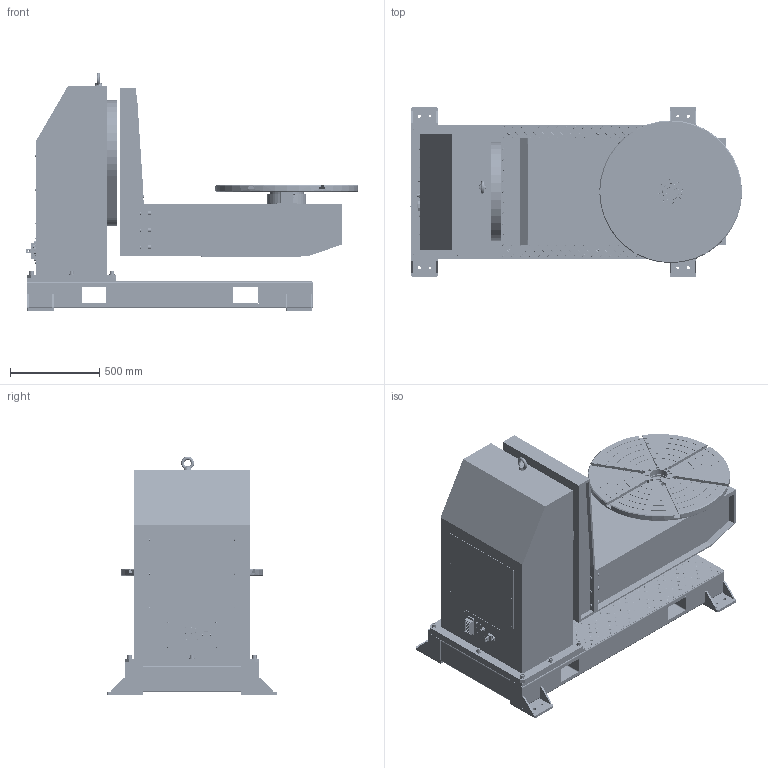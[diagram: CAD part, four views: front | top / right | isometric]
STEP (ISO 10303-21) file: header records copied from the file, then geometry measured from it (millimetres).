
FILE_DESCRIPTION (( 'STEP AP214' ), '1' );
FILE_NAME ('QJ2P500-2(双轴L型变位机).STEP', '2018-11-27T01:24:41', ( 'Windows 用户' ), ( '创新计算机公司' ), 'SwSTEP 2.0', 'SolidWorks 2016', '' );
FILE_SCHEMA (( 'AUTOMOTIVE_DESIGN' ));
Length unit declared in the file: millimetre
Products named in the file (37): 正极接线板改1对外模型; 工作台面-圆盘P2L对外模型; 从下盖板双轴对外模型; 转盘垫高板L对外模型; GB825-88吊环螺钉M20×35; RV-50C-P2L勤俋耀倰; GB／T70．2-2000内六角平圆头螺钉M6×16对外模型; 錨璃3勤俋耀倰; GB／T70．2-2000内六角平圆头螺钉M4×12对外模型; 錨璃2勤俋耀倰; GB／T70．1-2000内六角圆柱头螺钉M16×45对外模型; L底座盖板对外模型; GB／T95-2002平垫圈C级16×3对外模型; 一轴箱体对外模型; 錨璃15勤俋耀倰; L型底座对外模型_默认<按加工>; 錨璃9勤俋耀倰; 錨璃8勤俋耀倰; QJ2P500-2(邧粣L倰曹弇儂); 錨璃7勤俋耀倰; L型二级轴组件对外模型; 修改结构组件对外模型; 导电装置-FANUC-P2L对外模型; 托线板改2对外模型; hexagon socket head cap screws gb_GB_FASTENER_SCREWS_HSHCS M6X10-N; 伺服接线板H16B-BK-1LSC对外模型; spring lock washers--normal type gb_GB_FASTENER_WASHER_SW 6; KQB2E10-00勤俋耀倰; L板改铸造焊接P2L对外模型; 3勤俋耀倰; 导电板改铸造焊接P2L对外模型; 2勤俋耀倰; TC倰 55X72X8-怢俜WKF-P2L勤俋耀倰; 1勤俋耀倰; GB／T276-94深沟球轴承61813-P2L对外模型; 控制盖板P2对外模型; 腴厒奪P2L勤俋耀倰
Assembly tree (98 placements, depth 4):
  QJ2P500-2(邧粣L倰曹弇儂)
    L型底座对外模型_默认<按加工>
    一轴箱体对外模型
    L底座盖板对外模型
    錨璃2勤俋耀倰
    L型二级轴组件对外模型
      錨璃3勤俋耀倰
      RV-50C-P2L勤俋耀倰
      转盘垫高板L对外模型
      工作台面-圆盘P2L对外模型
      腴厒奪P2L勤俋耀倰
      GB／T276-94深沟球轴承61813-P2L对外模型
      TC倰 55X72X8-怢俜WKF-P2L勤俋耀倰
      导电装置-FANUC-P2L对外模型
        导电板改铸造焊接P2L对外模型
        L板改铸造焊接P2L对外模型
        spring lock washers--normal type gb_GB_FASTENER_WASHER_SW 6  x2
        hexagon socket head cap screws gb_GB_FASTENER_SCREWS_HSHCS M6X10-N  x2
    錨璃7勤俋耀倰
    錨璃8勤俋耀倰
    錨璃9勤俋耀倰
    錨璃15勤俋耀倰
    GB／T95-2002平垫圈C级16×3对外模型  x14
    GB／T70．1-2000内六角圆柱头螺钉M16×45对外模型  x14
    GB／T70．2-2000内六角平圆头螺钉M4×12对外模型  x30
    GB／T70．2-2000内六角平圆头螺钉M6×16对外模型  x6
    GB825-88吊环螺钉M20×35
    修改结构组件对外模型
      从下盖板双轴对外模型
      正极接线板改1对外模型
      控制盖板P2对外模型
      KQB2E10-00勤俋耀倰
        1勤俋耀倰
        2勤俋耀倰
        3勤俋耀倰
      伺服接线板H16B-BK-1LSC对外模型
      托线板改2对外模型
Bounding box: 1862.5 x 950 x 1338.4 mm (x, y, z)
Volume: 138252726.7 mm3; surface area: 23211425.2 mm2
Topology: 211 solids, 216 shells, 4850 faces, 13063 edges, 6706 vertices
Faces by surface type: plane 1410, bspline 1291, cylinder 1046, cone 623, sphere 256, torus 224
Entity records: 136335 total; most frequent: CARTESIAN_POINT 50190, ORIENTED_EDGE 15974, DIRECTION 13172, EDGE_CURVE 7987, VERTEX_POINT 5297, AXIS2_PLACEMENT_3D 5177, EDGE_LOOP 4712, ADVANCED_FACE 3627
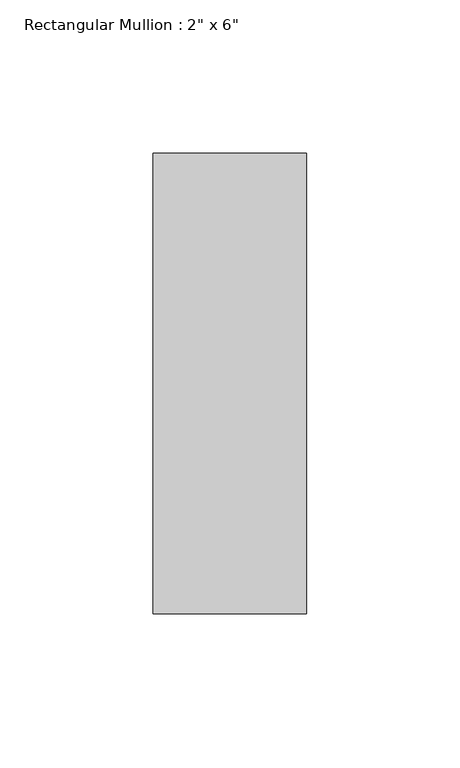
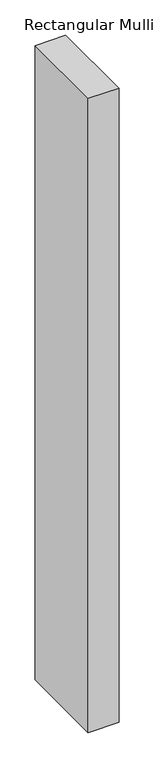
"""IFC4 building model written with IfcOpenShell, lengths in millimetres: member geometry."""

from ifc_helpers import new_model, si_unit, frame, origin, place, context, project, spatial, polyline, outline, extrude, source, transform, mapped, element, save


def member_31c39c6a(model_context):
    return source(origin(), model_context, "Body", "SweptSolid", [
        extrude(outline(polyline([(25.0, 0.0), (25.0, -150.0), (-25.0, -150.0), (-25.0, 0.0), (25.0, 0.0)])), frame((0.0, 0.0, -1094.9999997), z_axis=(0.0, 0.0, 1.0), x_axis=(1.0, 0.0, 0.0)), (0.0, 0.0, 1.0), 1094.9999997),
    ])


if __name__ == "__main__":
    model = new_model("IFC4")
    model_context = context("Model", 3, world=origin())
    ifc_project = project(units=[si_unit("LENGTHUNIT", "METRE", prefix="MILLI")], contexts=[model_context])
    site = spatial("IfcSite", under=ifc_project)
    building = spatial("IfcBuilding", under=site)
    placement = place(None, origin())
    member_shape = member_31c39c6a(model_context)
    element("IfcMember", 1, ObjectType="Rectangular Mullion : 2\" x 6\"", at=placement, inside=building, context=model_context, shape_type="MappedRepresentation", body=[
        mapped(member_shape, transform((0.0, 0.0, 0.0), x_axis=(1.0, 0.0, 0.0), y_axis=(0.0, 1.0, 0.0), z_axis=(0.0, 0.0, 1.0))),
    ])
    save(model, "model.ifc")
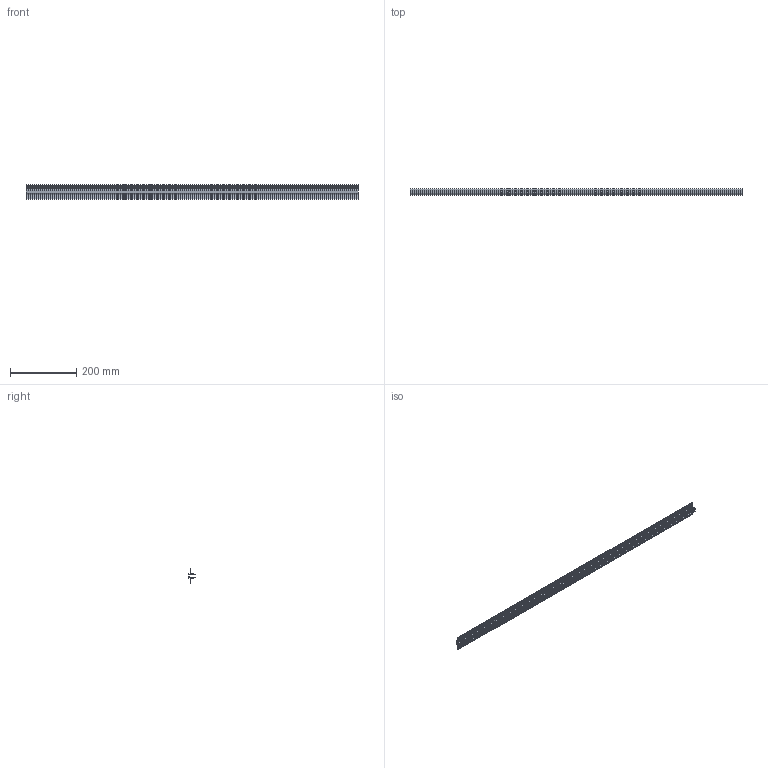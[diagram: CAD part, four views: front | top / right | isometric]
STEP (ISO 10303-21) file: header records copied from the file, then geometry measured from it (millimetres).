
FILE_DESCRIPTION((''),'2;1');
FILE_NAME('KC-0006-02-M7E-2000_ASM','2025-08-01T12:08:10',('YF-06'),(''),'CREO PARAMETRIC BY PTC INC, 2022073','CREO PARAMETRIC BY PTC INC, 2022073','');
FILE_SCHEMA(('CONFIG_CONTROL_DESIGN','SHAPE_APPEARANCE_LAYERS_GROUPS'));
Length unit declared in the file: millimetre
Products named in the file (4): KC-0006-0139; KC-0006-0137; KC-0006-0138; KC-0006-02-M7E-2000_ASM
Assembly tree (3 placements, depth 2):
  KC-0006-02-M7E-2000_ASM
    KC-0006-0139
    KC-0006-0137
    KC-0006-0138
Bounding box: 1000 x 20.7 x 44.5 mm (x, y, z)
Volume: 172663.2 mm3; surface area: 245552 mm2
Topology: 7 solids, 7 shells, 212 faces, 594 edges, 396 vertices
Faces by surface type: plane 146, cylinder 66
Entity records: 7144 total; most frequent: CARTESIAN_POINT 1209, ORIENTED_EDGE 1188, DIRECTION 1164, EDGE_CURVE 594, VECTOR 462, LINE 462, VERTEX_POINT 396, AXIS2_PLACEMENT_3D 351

__TRY IT__. Among the entries above, identify all lines with "records" and copy them.

__WRITTEN SOLUTION__.
STEP (ISO 10303-21) file: header records copied from the file, then geometry measured from it (millimetres).
Entity records: 136335 total; most frequent: CARTESIAN_POINT 50190, ORIENTED_EDGE 15974, DIRECTION 13172, EDGE_CURVE 7987, VERTEX_POINT 5297, AXIS2_PLACEMENT_3D 5177, EDGE_LOOP 4712, ADVANCED_FACE 3627
STEP (ISO 10303-21) file: header records copied from the file, then geometry measured from it (millimetres).
Entity records: 7144 total; most frequent: CARTESIAN_POINT 1209, ORIENTED_EDGE 1188, DIRECTION 1164, EDGE_CURVE 594, VECTOR 462, LINE 462, VERTEX_POINT 396, AXIS2_PLACEMENT_3D 351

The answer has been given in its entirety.